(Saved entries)

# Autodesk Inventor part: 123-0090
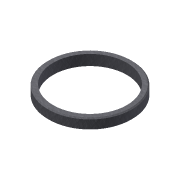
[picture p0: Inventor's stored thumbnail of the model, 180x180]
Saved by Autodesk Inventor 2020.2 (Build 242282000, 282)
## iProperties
Created: 2006-02
Part Number: 123-0090
Document SubType Name: Modeling
Designer: F.Stasiak
Description: Tuleja dystansowa 35x40x5
Material: Stal
Project: Przekładnia X51
Density: 7.85 g/cm^3
Appearance: Stal metaliczna (obrabiana_01)
Manager: www.cadconsulting.pl
Company: Fabian Stasiak CAD Consulting
Author: F.Stasiak
Subject: Zbiór ćwiczeń. Autodesk Inventor 2020. Kurs podstawowy
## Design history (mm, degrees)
sketch "Szkic1"
  geometry: C1 r 17.5 at (0, 0); C2 r 20 at (0, 0); 1 further point
  constraints: 2 centre point, 2 coincident
  dimensions: "d0" = 35 diameter of C1; "d1" = 40 diameter of C2
extrude "Wyciągnięcie proste1" new body sketch "Szkic1" distance "d2" = 5; taper "d3" = 0 deg
chamfer "Faza1" distance "d4" = 0.5; stored, may be unused: second distance "d5" = 2, angle "d6" = 45 deg
node "Bryła1"
node "Korpusy bryłowe"
node "Korpusy powierzchniowe"
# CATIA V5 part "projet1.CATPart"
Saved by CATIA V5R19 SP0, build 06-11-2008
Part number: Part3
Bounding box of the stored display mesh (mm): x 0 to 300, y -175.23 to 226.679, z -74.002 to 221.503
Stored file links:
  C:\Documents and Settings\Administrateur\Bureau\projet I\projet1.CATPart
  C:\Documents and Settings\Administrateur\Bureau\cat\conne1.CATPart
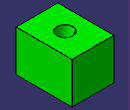
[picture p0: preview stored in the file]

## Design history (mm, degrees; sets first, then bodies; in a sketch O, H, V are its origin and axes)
Chamfer1: length 1, angle 45, on face of Pad1 from Sketch1.L1; start face of Pad1; face of Pad1 from Sketch1.L3; edge [face of Pad1 from Sketch1.L1 | face of Pad1 from Sketch1.L2]; end face of Pad1
Body1 (main body)
  Sketch1 on yz-plane, origin (0, 0, 0), H (0, 1, 0), V (0, 0, 1)
    line L1 (-175.2302, 221.5029) -> (226.6789, 221.5029)
    line L2 (226.6789, 221.5029) -> (226.6789, -74.0021)
    line L3 (226.6789, -74.0021) -> (-175.2302, -74.0021)
    line L4 (-175.2302, -74.0021) -> (-175.2302, 221.5029)
    horizontal: L1 H, L3 H
    vertical: L2 V, L4 V
  Pad1: profile Sketch1, direction (1, 0, 0), length 300
  Sketch2 on end face of Pad1, origin (300, 0, 0), H (0, 1, 0), V (0, 0, 1)
  Sketch3 on face of Pad1 from Sketch1.L1, origin (113.2057, 5.0735, 221.5029), H (1, 0, 0), V (0, 1, 0)
    point P1 (36.7943, 20.6508)
    reference projected line E1 (-113.2057, -180.3037) -> (186.7943, -180.3037) from edge [face of Pad1 from Sketch1.L4 | face of Pad1 from Sketch1.L1]
    reference projected line E2 (-113.2057, 221.6054) -> (-113.2057, -180.3037) from edge [start face of Pad1 | face of Pad1 from Sketch1.L1]
    distance P1 E1 = 200.9545
    distance P1 E2 = 150
  Hole1: placed by Sketch3, at (150, 25.7243, 221.5029) direction (0, 0, -1), diameter 40, depth 100, type TaperedType, Pas 1, DiameterThread 11, Profile a sketch, ThreadDepth 10, Diameter 40, Sketch Sketch3, Angle 40
Current feature: Chamfer1

» **TASK INSTRUCTIONS**:
Read the data above and pull out each line that holds the string "picture".

» **RESULT OF THE TASK**:
[picture p0: Inventor's stored thumbnail of the model, 180x180]
[picture p0: preview stored in the file]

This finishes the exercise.